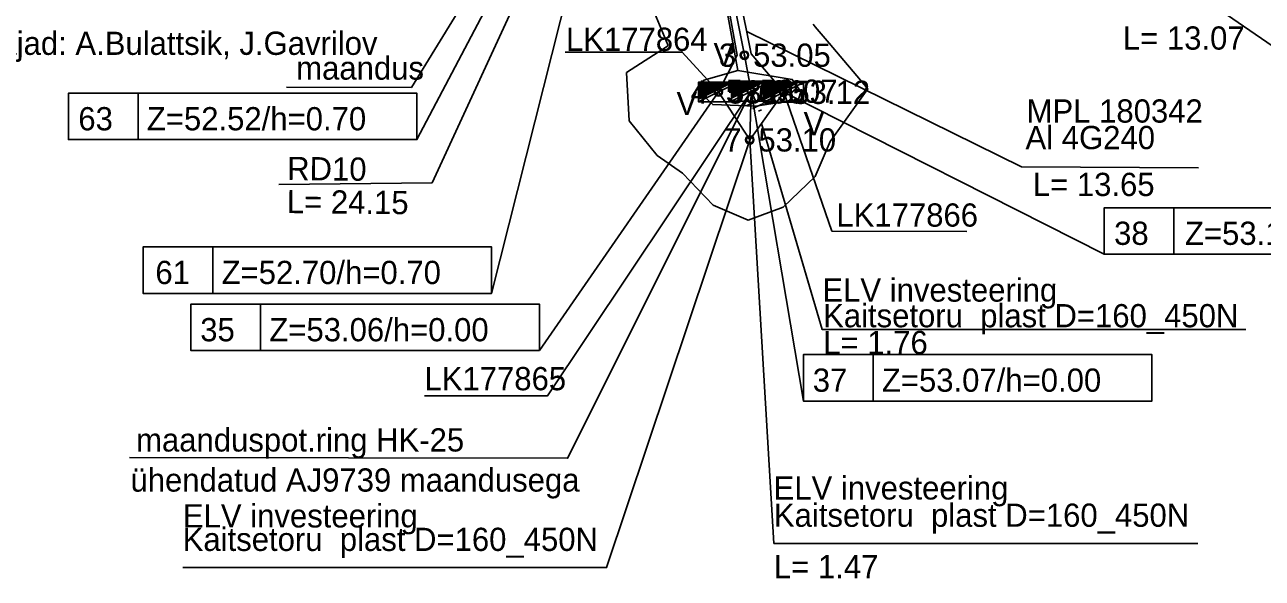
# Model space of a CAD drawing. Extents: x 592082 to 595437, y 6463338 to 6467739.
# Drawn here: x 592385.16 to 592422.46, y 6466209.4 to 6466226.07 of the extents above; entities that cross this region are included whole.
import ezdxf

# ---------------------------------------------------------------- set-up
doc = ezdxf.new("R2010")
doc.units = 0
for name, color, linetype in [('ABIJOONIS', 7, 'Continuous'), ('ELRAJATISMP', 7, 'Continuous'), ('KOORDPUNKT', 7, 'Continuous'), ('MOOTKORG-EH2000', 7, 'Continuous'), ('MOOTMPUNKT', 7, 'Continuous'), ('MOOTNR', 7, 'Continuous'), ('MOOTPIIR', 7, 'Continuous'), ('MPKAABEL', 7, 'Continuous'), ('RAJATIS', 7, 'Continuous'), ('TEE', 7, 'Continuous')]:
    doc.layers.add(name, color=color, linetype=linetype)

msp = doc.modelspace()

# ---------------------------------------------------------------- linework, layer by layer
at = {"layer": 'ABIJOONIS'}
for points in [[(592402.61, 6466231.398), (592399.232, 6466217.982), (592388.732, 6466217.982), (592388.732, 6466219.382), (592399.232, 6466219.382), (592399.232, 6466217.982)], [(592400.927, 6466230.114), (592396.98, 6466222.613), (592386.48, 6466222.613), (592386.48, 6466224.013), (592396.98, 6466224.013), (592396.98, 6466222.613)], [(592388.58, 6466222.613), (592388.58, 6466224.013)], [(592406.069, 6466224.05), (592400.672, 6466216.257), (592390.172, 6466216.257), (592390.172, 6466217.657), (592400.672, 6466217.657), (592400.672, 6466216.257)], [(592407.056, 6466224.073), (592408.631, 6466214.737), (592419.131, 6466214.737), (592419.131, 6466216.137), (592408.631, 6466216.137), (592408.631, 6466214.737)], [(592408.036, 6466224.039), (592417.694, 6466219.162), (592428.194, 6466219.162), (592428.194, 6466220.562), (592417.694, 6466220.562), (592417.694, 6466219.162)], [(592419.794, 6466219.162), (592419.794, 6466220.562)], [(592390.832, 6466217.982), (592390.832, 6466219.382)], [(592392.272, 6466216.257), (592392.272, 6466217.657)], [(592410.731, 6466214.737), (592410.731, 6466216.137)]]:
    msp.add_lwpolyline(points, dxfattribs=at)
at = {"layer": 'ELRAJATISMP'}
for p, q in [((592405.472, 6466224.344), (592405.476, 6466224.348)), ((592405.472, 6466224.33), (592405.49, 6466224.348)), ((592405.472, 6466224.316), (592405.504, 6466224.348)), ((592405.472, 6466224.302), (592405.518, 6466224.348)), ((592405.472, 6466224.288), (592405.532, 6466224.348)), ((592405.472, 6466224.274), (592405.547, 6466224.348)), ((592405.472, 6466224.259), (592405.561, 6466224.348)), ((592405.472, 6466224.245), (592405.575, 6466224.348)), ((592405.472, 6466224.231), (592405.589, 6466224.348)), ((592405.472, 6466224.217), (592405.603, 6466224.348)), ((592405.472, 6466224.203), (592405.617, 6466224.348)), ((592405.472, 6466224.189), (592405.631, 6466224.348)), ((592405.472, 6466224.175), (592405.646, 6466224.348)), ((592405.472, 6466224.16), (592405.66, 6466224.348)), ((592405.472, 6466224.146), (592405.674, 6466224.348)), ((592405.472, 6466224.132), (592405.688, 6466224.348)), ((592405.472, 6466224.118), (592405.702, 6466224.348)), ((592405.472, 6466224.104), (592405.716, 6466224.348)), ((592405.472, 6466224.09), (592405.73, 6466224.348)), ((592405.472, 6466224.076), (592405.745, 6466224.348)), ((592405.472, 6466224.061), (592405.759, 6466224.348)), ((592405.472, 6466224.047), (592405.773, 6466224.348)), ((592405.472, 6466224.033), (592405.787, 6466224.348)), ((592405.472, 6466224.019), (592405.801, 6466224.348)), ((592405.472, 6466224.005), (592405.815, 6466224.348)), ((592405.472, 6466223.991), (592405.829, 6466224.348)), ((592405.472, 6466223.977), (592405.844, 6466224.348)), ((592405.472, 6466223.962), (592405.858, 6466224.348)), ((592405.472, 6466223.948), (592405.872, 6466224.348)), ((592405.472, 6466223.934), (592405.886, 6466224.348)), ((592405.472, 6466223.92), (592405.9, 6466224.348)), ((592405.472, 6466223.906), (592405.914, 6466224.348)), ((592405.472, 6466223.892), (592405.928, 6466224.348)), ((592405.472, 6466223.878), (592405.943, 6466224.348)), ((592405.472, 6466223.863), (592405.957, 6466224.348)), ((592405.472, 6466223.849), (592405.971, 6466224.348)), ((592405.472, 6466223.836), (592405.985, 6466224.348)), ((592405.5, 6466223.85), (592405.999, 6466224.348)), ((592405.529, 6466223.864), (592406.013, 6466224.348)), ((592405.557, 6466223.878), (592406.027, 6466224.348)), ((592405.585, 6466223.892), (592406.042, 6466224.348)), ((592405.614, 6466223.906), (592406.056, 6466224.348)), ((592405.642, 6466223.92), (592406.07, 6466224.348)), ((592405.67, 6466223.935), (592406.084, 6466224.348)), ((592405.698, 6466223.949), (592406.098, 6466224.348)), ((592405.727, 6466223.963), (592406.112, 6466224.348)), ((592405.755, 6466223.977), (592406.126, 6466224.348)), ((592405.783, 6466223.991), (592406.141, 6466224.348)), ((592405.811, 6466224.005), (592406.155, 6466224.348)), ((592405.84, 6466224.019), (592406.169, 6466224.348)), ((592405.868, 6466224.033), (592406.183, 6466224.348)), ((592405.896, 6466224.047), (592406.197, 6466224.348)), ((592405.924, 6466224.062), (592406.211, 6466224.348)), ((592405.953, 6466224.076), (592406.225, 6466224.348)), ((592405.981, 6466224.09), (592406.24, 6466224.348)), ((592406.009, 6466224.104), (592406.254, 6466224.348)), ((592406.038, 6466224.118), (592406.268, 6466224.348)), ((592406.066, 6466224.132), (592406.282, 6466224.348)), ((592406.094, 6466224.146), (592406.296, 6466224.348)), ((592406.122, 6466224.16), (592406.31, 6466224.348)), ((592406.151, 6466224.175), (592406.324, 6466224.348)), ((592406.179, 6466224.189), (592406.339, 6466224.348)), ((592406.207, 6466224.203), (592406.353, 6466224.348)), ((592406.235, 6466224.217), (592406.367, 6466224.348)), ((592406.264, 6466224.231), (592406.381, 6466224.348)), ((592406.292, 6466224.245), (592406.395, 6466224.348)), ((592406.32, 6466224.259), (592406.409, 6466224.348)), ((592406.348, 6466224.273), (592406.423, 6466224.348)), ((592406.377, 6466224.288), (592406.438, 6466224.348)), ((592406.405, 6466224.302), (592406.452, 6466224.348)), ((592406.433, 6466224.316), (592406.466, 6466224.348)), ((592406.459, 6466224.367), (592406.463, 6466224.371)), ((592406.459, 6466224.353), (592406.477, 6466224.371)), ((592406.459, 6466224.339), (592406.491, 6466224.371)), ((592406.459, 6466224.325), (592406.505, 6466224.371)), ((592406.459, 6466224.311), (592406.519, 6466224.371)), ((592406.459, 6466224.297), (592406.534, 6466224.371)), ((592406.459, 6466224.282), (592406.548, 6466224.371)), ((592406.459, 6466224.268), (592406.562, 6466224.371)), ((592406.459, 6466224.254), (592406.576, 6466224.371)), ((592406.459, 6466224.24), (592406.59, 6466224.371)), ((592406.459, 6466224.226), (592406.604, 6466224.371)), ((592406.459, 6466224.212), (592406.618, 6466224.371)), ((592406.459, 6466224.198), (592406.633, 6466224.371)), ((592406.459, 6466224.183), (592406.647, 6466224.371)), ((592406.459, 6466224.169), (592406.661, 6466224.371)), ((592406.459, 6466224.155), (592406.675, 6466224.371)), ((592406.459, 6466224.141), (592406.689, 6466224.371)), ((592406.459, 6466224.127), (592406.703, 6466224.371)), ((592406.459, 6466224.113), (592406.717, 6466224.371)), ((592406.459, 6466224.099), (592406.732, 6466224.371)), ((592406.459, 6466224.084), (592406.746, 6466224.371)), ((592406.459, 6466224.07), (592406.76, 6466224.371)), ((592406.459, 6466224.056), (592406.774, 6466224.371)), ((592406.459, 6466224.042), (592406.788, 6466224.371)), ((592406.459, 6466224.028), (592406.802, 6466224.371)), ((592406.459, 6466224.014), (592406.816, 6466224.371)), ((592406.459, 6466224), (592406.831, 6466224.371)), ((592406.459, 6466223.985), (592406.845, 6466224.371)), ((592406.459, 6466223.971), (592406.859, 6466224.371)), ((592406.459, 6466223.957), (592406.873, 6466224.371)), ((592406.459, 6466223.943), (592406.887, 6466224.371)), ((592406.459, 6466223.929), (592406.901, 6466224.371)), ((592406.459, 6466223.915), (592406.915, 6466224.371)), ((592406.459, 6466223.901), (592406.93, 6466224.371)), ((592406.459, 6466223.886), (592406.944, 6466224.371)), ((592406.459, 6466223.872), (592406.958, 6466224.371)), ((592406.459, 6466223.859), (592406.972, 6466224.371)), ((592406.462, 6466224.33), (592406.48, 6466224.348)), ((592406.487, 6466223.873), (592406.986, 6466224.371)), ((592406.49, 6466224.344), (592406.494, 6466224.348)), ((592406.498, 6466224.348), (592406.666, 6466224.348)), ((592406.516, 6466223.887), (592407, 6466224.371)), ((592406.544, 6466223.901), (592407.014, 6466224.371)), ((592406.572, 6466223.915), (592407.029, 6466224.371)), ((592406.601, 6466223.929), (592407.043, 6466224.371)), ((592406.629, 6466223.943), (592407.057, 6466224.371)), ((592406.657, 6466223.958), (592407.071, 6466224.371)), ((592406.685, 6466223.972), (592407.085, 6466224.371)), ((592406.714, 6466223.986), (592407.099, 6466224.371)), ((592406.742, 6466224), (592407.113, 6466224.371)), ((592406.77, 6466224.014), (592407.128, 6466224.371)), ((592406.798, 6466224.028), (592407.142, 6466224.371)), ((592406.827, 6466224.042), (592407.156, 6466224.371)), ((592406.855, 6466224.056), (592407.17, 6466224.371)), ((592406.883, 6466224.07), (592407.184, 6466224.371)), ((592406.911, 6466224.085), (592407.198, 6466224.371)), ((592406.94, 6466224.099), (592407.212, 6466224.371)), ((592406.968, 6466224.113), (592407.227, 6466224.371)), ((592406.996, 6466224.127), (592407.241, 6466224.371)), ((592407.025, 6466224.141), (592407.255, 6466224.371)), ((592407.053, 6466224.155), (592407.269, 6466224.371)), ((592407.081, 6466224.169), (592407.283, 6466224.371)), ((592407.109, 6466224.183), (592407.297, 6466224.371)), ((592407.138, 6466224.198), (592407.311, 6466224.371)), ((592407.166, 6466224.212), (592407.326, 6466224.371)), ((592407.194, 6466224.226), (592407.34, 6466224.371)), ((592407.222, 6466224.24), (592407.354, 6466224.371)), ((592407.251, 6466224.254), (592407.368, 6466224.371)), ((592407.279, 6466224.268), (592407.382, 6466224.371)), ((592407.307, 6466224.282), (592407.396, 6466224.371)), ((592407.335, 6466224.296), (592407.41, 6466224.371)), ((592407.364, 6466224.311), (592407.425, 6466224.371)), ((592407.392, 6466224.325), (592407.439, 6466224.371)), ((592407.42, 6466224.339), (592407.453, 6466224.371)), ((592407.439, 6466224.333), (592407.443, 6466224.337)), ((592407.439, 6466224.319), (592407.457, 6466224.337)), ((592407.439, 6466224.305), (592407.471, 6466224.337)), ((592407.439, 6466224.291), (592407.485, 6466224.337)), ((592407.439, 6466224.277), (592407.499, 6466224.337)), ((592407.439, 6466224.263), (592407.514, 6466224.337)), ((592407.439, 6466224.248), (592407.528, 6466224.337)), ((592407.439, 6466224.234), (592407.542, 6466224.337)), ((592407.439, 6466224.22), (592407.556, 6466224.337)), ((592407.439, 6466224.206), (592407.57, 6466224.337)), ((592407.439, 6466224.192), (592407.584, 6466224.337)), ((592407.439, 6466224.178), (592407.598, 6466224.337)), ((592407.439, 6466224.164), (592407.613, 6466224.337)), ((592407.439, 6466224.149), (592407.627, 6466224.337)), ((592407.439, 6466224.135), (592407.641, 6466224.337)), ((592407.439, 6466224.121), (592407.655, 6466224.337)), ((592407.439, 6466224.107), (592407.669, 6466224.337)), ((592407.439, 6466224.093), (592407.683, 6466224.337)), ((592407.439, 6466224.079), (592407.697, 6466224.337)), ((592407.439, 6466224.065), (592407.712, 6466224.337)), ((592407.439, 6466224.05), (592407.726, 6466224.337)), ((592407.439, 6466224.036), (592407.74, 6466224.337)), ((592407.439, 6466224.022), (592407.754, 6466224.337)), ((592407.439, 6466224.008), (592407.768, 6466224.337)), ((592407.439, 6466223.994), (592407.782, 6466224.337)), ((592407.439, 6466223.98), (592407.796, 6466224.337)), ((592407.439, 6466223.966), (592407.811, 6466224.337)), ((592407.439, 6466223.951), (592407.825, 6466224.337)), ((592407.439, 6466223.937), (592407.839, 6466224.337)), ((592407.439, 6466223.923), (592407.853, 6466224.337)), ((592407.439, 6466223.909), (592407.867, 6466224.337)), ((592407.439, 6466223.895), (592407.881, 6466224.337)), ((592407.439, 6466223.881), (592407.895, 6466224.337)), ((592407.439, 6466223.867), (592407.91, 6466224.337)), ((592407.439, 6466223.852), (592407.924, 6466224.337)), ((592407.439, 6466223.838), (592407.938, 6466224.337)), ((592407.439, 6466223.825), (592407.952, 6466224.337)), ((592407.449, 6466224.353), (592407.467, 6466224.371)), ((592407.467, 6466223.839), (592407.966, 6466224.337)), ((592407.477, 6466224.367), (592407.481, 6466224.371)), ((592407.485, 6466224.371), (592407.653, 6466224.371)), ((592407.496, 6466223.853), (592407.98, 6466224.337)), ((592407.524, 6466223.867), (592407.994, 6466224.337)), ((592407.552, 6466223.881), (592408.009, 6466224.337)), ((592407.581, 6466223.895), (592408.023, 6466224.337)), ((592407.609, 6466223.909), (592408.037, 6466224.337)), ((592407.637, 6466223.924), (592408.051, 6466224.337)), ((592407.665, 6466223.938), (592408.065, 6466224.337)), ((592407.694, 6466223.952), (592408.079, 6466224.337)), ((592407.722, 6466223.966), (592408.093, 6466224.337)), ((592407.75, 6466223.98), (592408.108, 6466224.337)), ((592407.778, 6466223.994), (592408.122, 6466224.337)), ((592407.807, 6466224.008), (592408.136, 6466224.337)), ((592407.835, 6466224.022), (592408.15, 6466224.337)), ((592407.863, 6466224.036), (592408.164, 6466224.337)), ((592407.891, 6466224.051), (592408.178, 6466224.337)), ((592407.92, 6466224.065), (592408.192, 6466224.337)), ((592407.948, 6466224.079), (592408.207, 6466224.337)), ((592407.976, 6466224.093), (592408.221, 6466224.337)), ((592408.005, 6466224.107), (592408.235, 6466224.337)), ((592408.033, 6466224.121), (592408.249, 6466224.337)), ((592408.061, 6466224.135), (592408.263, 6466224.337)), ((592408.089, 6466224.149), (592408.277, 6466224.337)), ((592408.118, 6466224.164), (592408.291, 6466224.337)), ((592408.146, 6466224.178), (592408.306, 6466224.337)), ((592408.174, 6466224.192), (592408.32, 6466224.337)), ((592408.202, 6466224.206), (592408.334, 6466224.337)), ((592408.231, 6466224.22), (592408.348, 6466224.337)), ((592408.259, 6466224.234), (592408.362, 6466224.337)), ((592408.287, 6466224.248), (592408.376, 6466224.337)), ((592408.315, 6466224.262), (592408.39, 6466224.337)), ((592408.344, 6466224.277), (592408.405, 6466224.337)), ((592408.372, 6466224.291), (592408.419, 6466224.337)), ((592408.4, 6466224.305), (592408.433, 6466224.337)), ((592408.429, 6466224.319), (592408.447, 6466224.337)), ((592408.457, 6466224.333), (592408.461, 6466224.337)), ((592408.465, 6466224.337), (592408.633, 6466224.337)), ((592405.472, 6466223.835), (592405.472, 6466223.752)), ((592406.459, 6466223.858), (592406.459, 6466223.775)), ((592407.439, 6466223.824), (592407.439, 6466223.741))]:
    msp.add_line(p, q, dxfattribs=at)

== == ==

PROBLEM DESCRIPTION: Go through the listing above and return each line that includes the word "name".

ANSWER AREA:
for name, color, linetype in [('ABIJOONIS', 7, 'Continuous'), ('ELRAJATISMP', 7, 'Continuous'), ('KOORDPUNKT', 7, 'Continuous'), ('MOOTKORG-EH2000', 7, 'Continuous'), ('MOOTMPUNKT', 7, 'Continuous'), ('MOOTNR', 7, 'Continuous'), ('MOOTPIIR', 7, 'Continuous'), ('MPKAABEL', 7, 'Continuous'), ('RAJATIS', 7, 'Continuous'), ('TEE', 7, 'Continuous')]:
    doc.layers.add(name, color=color, linetype=linetype)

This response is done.